The part of Xcode 4 that tires me out - fceccon
http://inessential.com/2011/09/02/the_part_of_xcode_4_that_tires_me_out

======
antonyme
Sounds like some of these issues could be easily solved by setting up
Behaviours properly. This is something new with Xcode 4, and allows you to
configure what Xcode should do when certain events are triggered.

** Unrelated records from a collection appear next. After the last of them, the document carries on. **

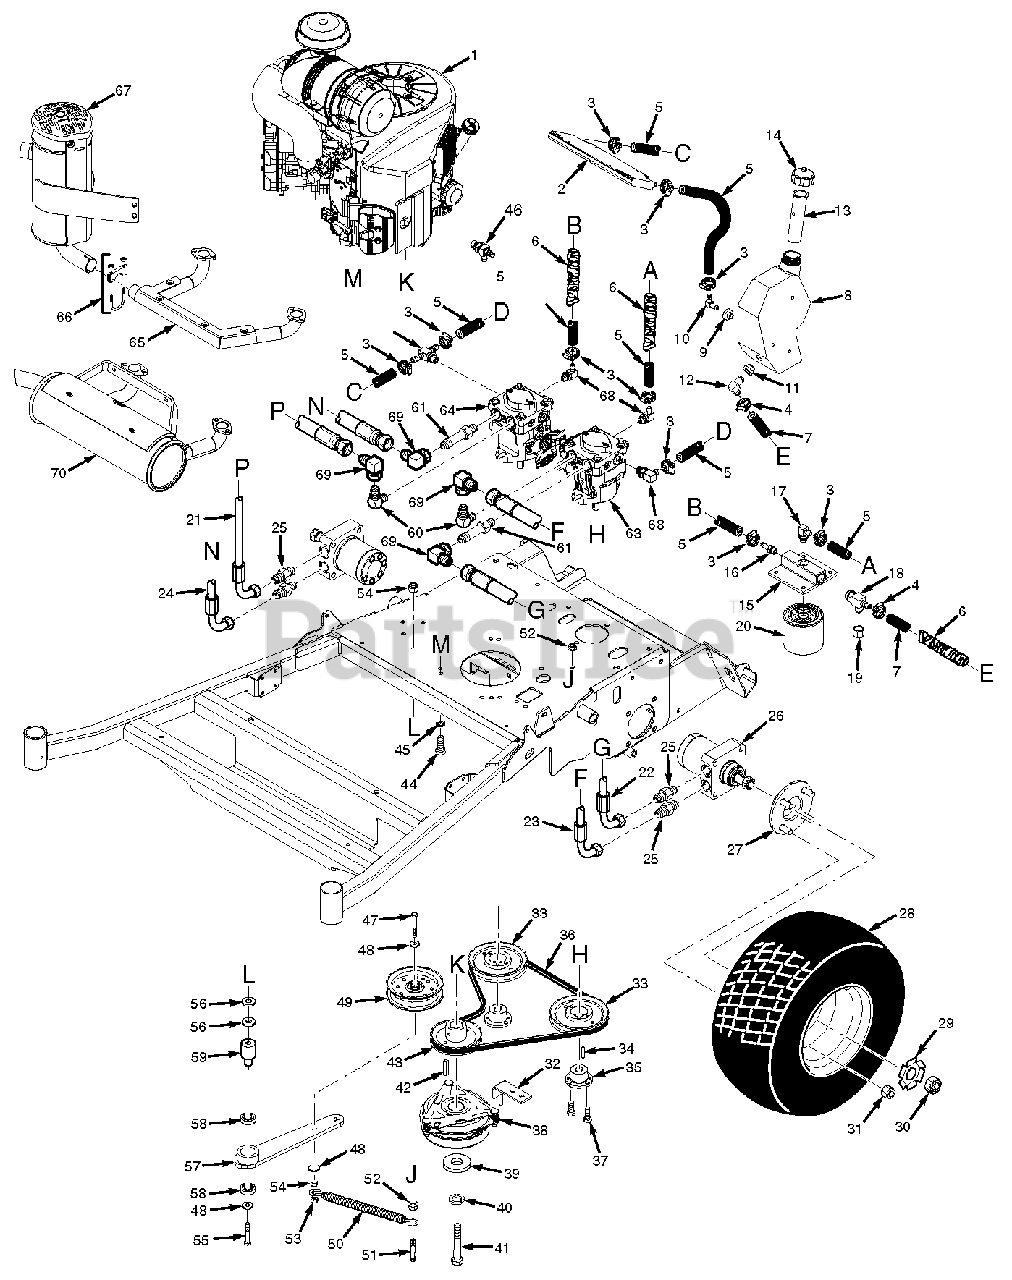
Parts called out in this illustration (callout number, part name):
1	Engine, 23hp Kawasaki FX730V
1	Engine, 25hp Kawasaki FX801V
1	Engine, 26hp Kohler ECV749 - EFI
2	Cooler, Transmission (52V/61V)
3	Clamp, .69 Max Dia.
4	Clamp, .87 Max Dia.
5	Hose, 3/8 Pushlock
6	Heatshield, Flexible
7	Hose, 1/2 Pushlock
8	Hydraulic Tank Assy.
9	Bushing, .56 Dia, Viton
10	Fitting, 90 Degree - .38 Hose
11	Bushing, .78 Dia. Viton
12	Fitting, 90 Degree - .50 Hose
13	Insert, Filler Neck
14	Cap, Hydraulic Tank
15	Filter Head
16	Fitting
17	Elbow, 90 Degree
18	Tee Fitting, 3/4 O-Ring
19	Cap, 3/4" JIC
20	Oil Filter
21	Hose Assembly
22	Hose Assembly
23	Hose Assembly
24	Hose Assembly
25	Fitting, Union 1/2 x 5/8
26	Wheel Motor
27	Wheel Hub
28	Wheel Assembly
28	Rim w/Valve Stem
28	Tire, 20 x 10.5-8 4-Ply
29	Lockwasher, Wheel Motor
30	Hex Castle Nut, 3/4-28
31	Wheel Nut
32	Anti-Rotation Bracket
33	Pulley, 5.45 OD - Tapered Bore
34	Key, 5 x 5 x 25mm
35	Tapered Hub, 15mm Bore
36	Belt, Pump Drive
37	Bolt, Hex Head 1/4-20 x 1" Gr. 8
38	Clutch w/Tag
39	Flatwasher, 7/16-.469 x 1.75 x .25
40	Lockwasher, 7/16" Spring
41	Bolt, Hex Head 7/16-20 x 2-1/4" Patch
42	Key, 1/4 x 1/4 x 3-1/2"
43	Pulley, 4.75 OD - 1.125" Bore
44	Bolt, Hex Head 3/8-16 x 1-1/4"
45	Lockwasher, 3/8" Spring
46	Oil Drain
47	Bolt, Hex Head 3/8-16 x 2-3/4"
48	Flatwasher, 3/8-.391 x .938 x .105 HD
49	Pulley, 4-1/2" Idler
50	Spring, Transmission
51	Bolt, Hex Head 3/8-16 x 3"
52	Nut, Serrated Flange 3/8-16
53	Nut, Center Lock 3/8-16
54	Nut, Elastic Stop 3/8-16
55	Bolt, Hex Head 3/8-16 x 3-1/4"
56	Flatwasher, 3/8-.375 x 1-1/2 x .059
57	Idler Arm Assy
58	Bearing
59	Idler Pivot, Long
60	Elbow, 90 Degree - 1/2 x 1/2
61	Fitting, Union 3/4-16 JIC x O-Ring
62	Tubing, Oil Drain
63	Pump, LH - 10cc w/Shock Valves (52)
63	Pump, LH - 12cc w/Shock Valves (61)
63	Pump, RH - 10cc w/Shock Valves (52)
64	Pump, RH - 12cc w/Shock Valves (61)
65	Exhaust Manifold, 29FX Kawasaki
66	Clamp, Muffler 1.25 Dia. Kawasaki
67	Muffler, 29FX Kawasaki
68	Elbow, 90 Degree
69	Elbow, 1/2 JIC Female to 1/2 JIC Male
70	Muffler, SVR-CV-EFI (Oxygen Sensor not included)

For example, the event for when "Run Completes" will trigger the behaviour "if
no output, hide Debugger". This can be switched to always hide to solve the
described problem.

I realise this doesn't solve the resizing issue, but it's a very handy indeed
and makes working with panes a much better experience.

------
BenSS
I complained about similar problems, particularly with a multi monitor setup.
Then I really dug into behaviors and tore tabs off into new windows.
Productivity bliss!

There's a very good video on behaviors from wwdc if I remember correctly. Go
look at the session videos, it was very helpful.

------
makecheck
Agreed, especially as Xcode 4 does a pretty outstanding job of ruining my
multi-monitor setup.

The problem with any set of panes is that they almost always lack features X,
Y and Z that you miss from a window manager. That's what the window manager is
_for_ , and it frustrates me that applications feel the need to implement this
again and again (each in their own way, to boot).

It is time for a modern GUI to provide support for chromeless panes as first-
class windows, so that you can move _any_ pane _anywhere_ , attached to _any_
number of other things from any application, with _any_ size in _any_
arrangement (tabbed, split-pane, whatever).